Inzwischen wurden weitere Details bekannt. Demnach wird es sich um einen Relaunch des früheren Megaupload handeln, das im Januar 2012 in einer aufsehen erregenden Aktion geschlossen wurde. Als Starttermin des neuen alten Dienstes wird der 5. Jahrestag der zwangsweisen Stilllegung genannt, was bedeutet, dass es am 20. Januar 2017 losgehen wird. Im Zuge des Neustarts sollen die "meisten Megaupload Konten neu aufgesetzt" werden und zudem "Premium Privilegien" erhalten. Bei den verwendeten Techniken soll es sich um eine völlige Neuentwicklung handeln, wobei Kim Dotcom verspricht, dass keine Legacy-Codes genutzt werden. Laut den Ankündigungen sollen "keine Server in den Vereinigten Staaten oder Domains unter US-Kontrolle" zum Einsatz kommen. Die Bezahlung der fälligen Abos soll in der umstrittenen und schlecht nachverfolgbaren Internet-Währung Bitcoin erfolgen. Und auch einen neuen Namen wird es wohl geben: MegaNet. Wer Kim Dotcom auf Twitter folgt, soll zudem die Möglichkeit erhalten, über einen Coupon als Beta-Tester zu fungieren und einen frühzeitigen Zugriff auf den Dienst zu bekommen.

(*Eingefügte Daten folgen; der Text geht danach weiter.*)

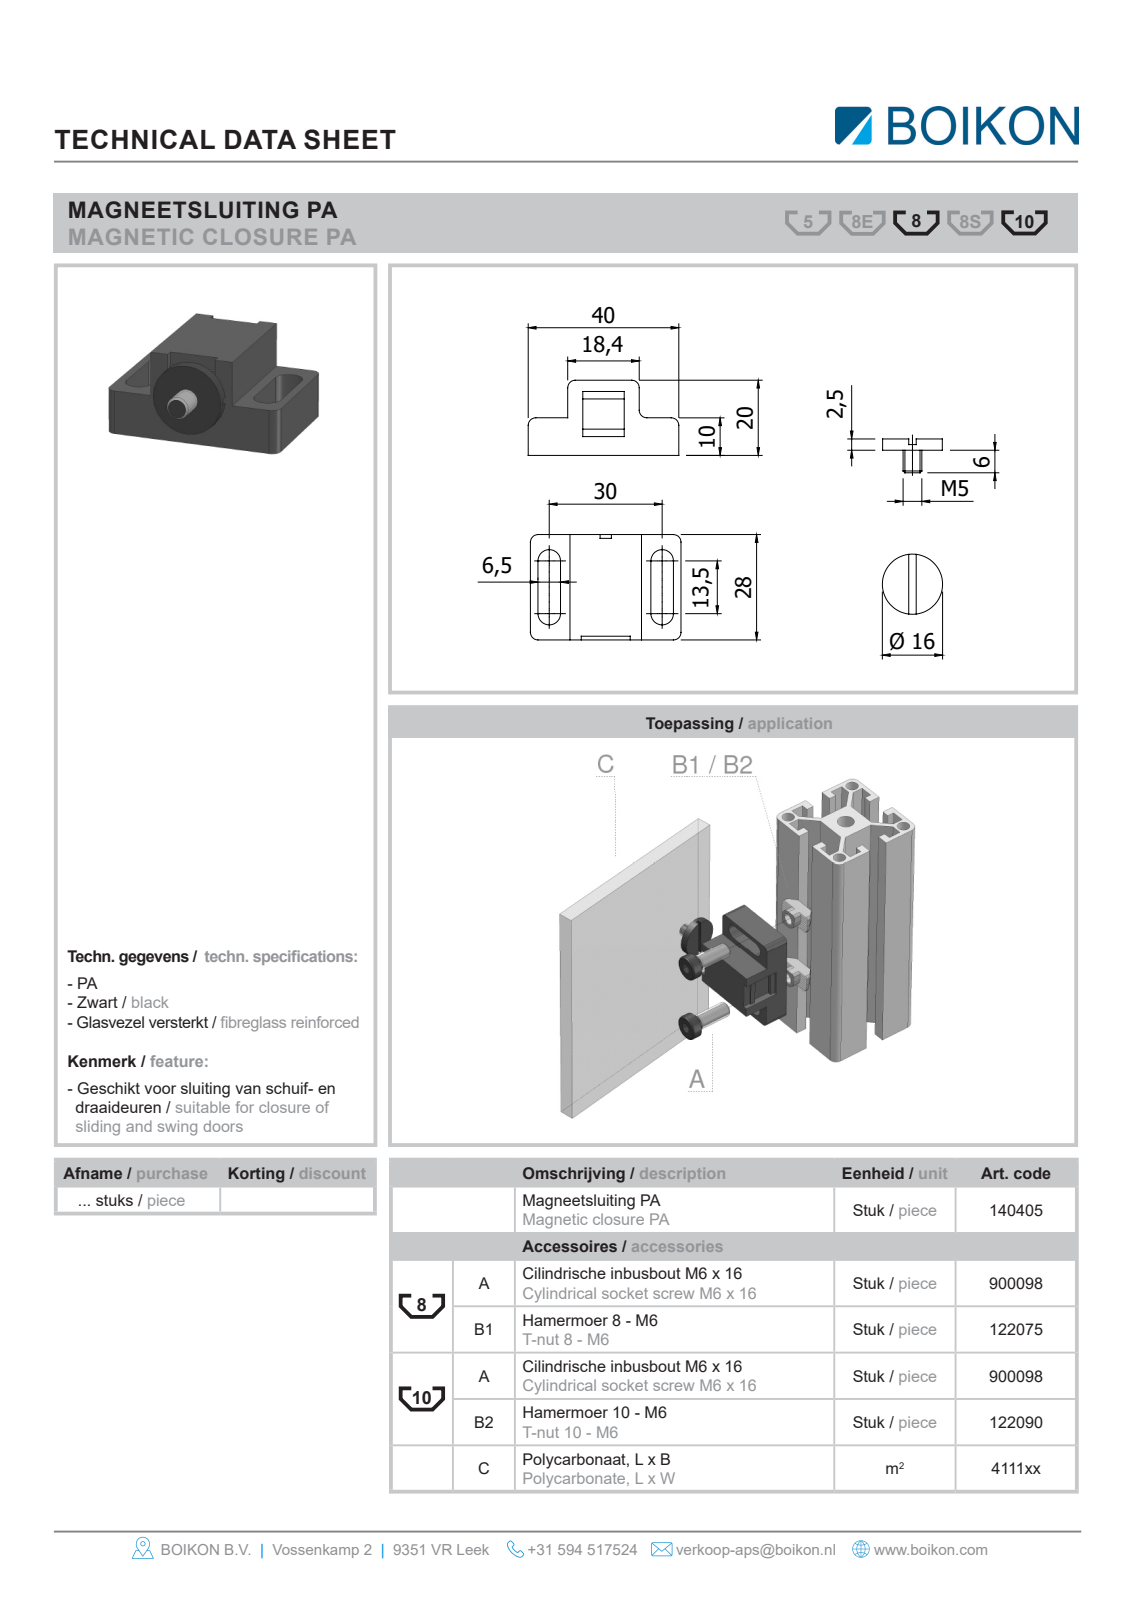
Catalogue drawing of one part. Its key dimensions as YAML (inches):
part_name: "Root; 140405Magneetsluiting PA zwartBOIKON"
step_written_by: "HiCAD 2013 1802.4 Build 509 (AUTOMOTIVE_DESIGN)"
units: inches
bodies: {solids: 2, faces: 57, planar: 46, cylindrical: 10, other: 1}
overall_size: [1.575, 1.449, 0.787]
volume: 0.749
surface_area: 9.622
round_bosses_or_shafts:
  - {diameter: 0.618, count: 1}
  - {diameter: 0.158, count: 1}
partial_cylinders:
  - {radius: 0.079, count: 4}
  - {radius: 0.122, count: 4}
face_to_face_distances: [0.394, 1.161, 0.787, 0.413, 1.102, 0.205, 0.583, 0.502, 1.004, 0.189]
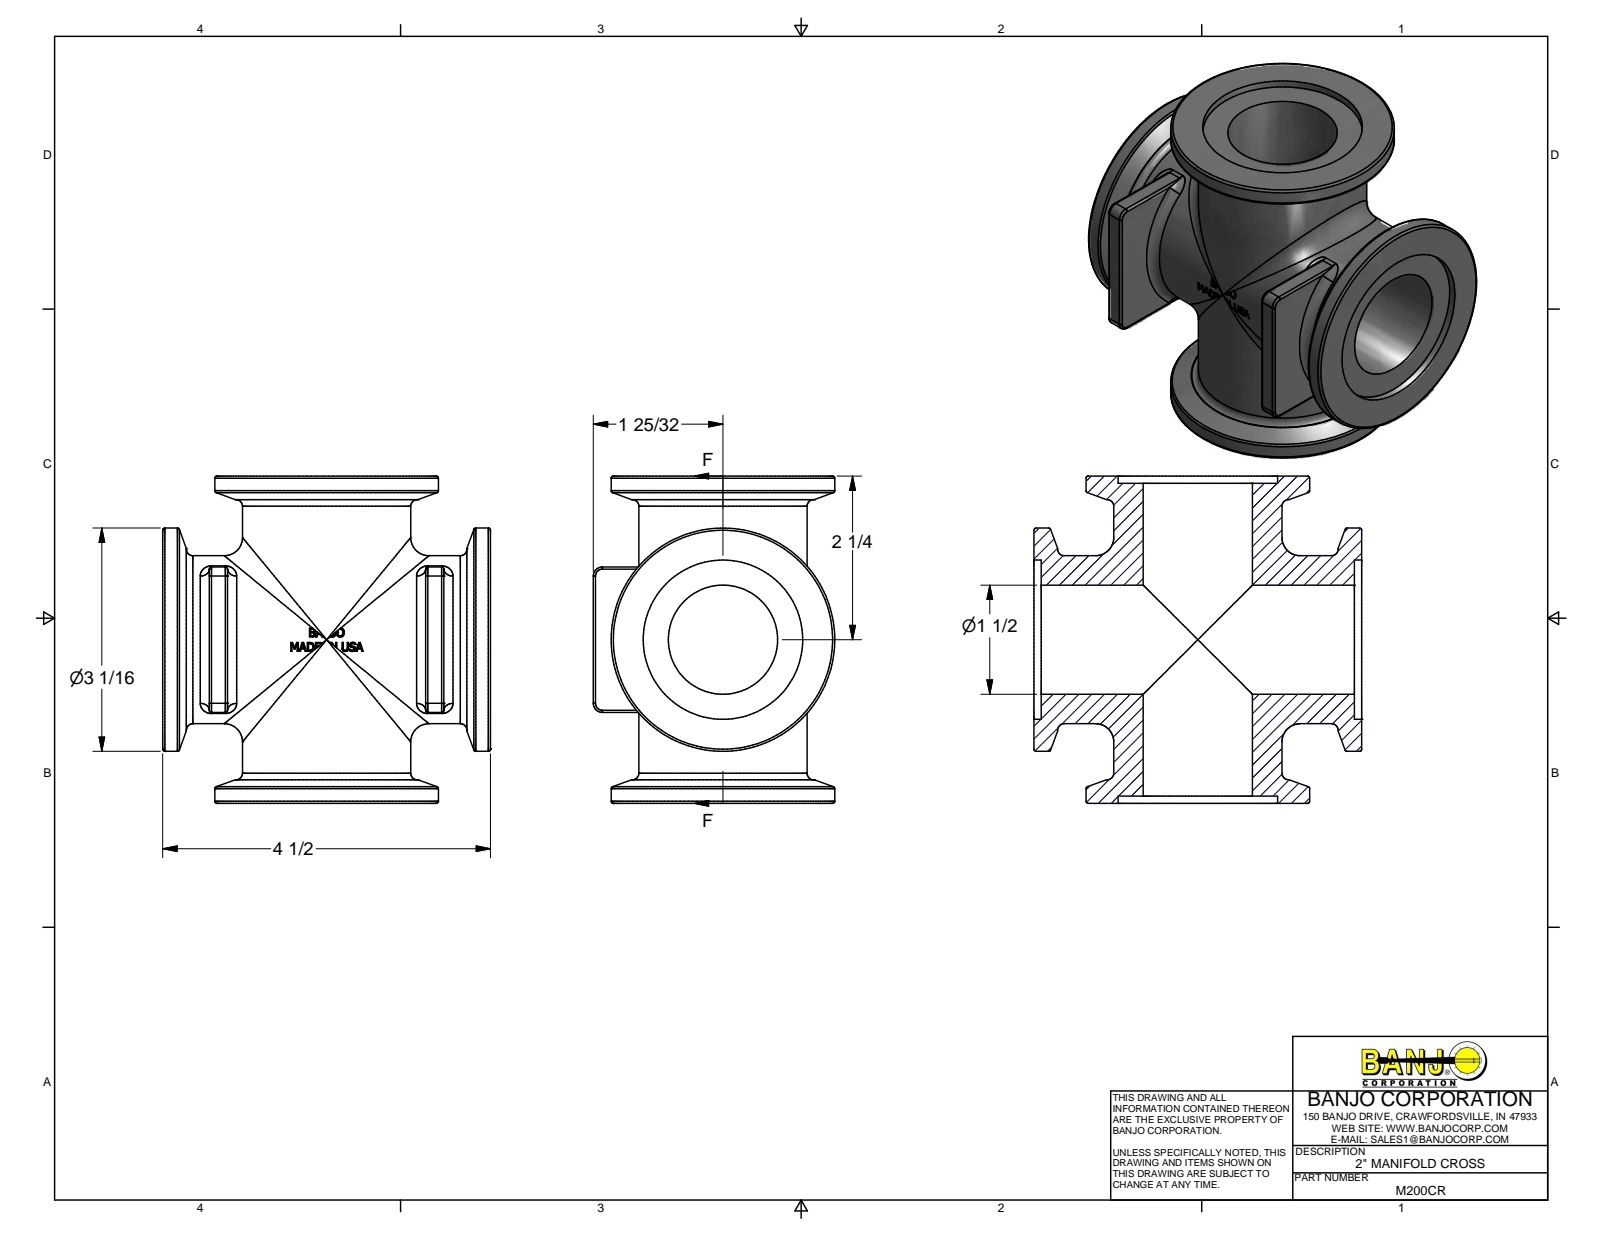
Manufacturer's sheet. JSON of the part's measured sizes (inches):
{"part_name": "M200CR", "step_written_by": "Autodesk Inventor 2013 (AUTOMOTIVE_DESIGN)", "units": "inches", "bodies": {"solids": 1, "faces": 446, "planar": 153, "cylindrical": 90, "other": 203}, "overall_size": [4.5, 4.5, 3.315], "volume_in3": 19.62, "surface_area_in2": 117.9, "round_holes": [[1.5, 2], [2.19, 2]], "round_bosses_or_shafts": [[3.07, 2], [2.31, 2]], "partial_cylinders_radius": [[0.03, 12], [0.125, 4], [1.135, 2]], "face_to_face_distances": [0.1, 4.4, 4.5, 4.3, 0.64, 0.89, 3.61, 3.86, 0.54, 0.79]}

Die zahlreichen Aussagen werfen allerdings durchaus Fragen auf. Das fängt bereits bei der Finanzierung an, denn wenn den im ersten Schritt angestrebten 100 Millionen Nutzern jeweils (theoretische) 100 GB an Kapazität zur Verfügung stehen sollen, dann erfordert das eine gewaltige Infrastruktur, die es ganz sicher nicht zum Nulltarif gibt. Wie der finanziell inzwischen sicher nicht mehr auf Rosen gebettete Dotcom die notwendigen Summen aufbringen will, ist unklar. Unklar ist auch, wie der Zugriff auf die früher gespeicherten Daten erfolgen soll. Das ist einerseits ein rechtliches Problem, denn die entsprechenden Festplatten befinden sich wohl teilweise noch in den Händen der Justiz. Hinzu kommen mögliche technische Probleme, denn einige IT-Experten hatten bereits vor geraumer Zeit darauf hingewiesen, dass die Daten aufgrund der jahrelangen Lagerung ohne Stromversorgung und unter nicht unbedingt optimalen Bedingungen möglicherweise unrettbar verloren sind.

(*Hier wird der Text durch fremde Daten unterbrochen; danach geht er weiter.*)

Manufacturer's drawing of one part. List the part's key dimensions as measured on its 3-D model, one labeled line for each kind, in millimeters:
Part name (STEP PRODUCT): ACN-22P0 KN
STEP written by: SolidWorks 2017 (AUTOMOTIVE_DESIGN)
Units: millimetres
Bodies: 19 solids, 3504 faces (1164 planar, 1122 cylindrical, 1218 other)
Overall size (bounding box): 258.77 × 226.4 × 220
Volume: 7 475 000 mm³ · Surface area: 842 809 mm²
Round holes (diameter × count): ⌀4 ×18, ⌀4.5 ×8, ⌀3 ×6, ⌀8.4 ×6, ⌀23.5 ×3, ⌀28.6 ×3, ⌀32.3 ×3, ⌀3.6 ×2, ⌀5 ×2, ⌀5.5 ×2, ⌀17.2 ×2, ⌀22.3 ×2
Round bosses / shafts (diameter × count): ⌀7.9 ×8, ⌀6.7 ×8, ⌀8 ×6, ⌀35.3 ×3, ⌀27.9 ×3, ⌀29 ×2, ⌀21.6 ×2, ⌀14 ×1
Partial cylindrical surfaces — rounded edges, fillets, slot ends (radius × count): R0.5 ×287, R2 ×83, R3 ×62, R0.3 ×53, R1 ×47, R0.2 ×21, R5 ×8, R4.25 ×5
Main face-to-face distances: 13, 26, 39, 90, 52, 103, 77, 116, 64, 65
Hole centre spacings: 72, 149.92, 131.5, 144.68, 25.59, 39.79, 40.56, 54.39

Es bleicht also abzuwarten, ob die Ankündigungen von Kim Dotcom - darunter auch die, es wieder zum "Tech Milliardär" zu schaffen - tatsächlich in die Tat umgesetzt werden. Und wie lange das Abenteuer dann dieses mal gut geht.

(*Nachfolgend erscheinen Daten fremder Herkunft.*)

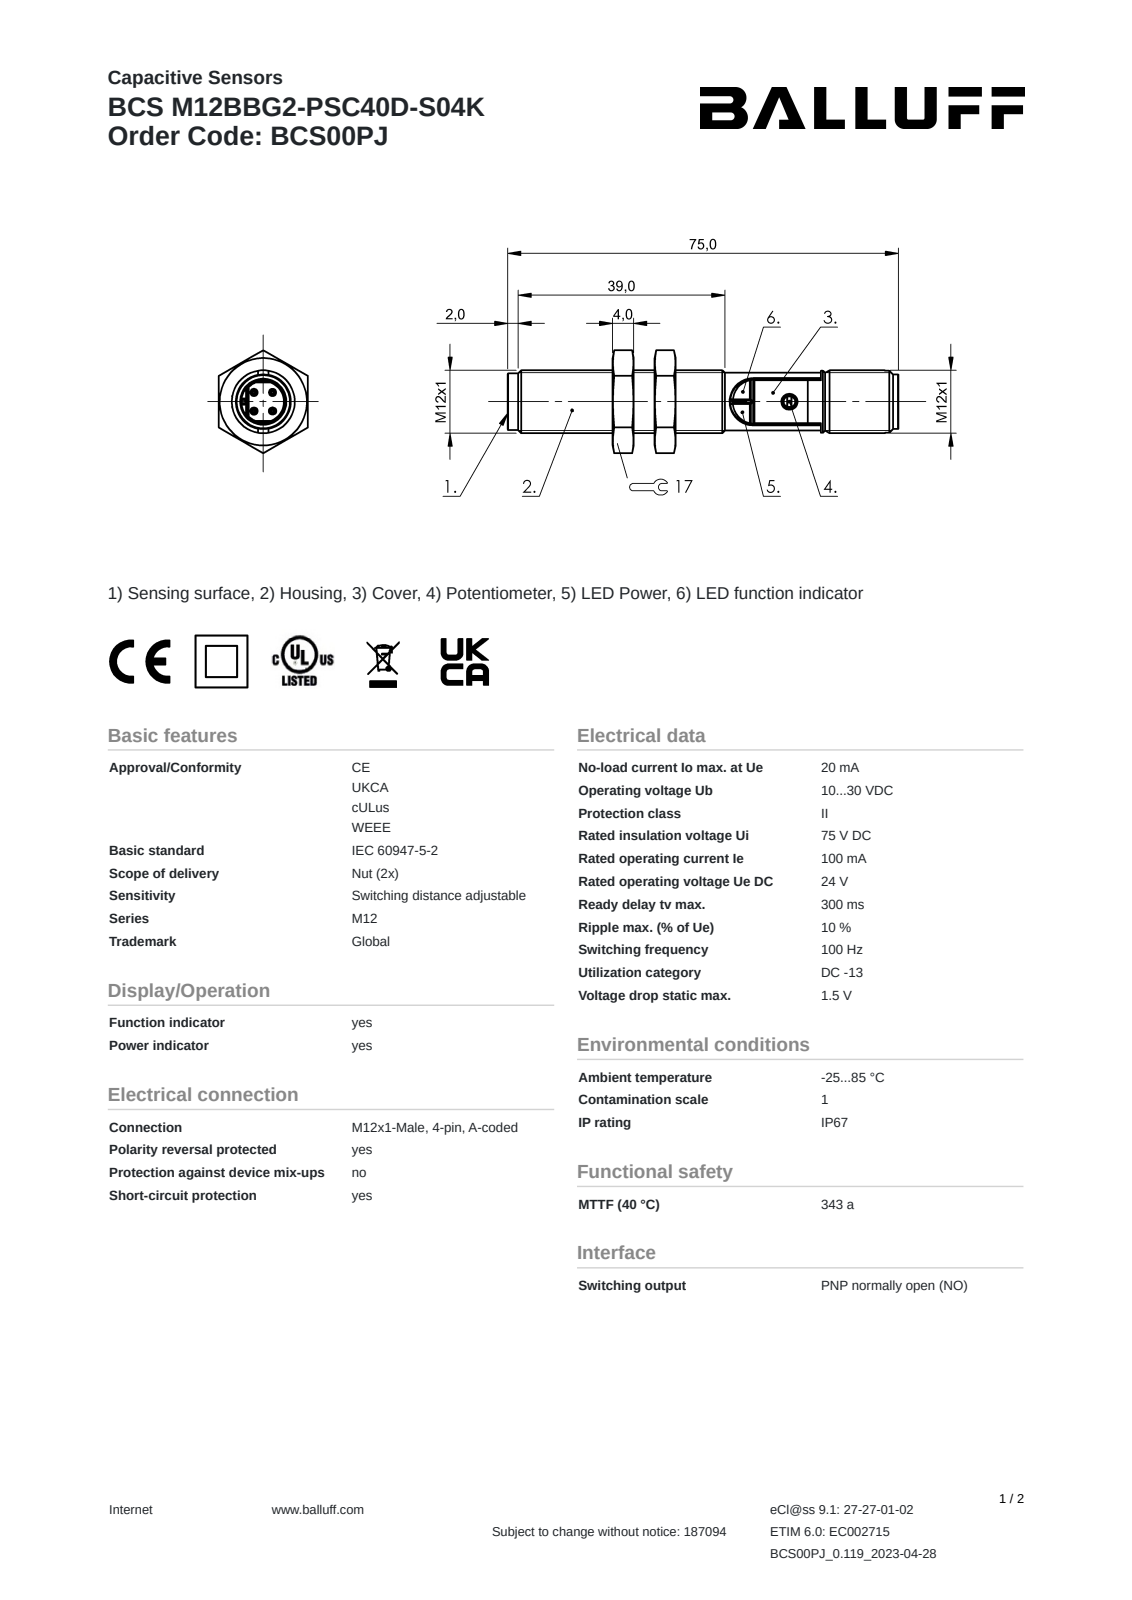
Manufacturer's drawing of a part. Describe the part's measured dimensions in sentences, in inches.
The part is named "BCS00PJ". Its 3-D file was written by "SolidWorks 2021 (AUTOMOTIVE_DESIGN)". It is 3 solids with 180 faces: 86 planar, 49 cylindrical and 45 other. Overall it measures 2.953 by 0.773 by 0.669 inches. Its volume is 0.526 cubic inches and its surface area 7.44 square inches. Round holes: 1 of diameter 0.135, 1 of diameter 0.331, 1 of diameter 0.43. Round bosses or shafts: 4 of diameter 0.039, 1 of diameter 0.472, 1 of diameter 0.467, 1 of diameter 0.423, 1 of diameter 0.407, 1 of diameter 0.406. Partial cylindrical surfaces (rounded edges, fillets, slot ends): 8 of radius 0.004, 2 of radius 0.006, 2 of radius 0.009, 1 of radius 0.01, 1 of radius 0.024, 1 of radius 0.061, 1 of radius 0.156, 1 of radius 0.157. The main face-to-face distances are 0.276, 0.157, 0.669, 0.433, 0.118, 1.043, 0.886, 0.768, 0.61, 1.563.

Meinung des Autors: Kim Dotcom ist nicht nur ein Mann der Tat, sondern auch der Worte. Und davon gibt es aktuell reichlich, denn es wird nicht weniger als ein nahezu vollständiger Neustart des ebenso umstrittenen wie geschlossenen Speicherdienstes Megaupload angekündigt. Jetzt bleiben etwas über 5 Monate, um die vollmundigen Ankündigungen auch umzusetzen. Wer glaubt daran?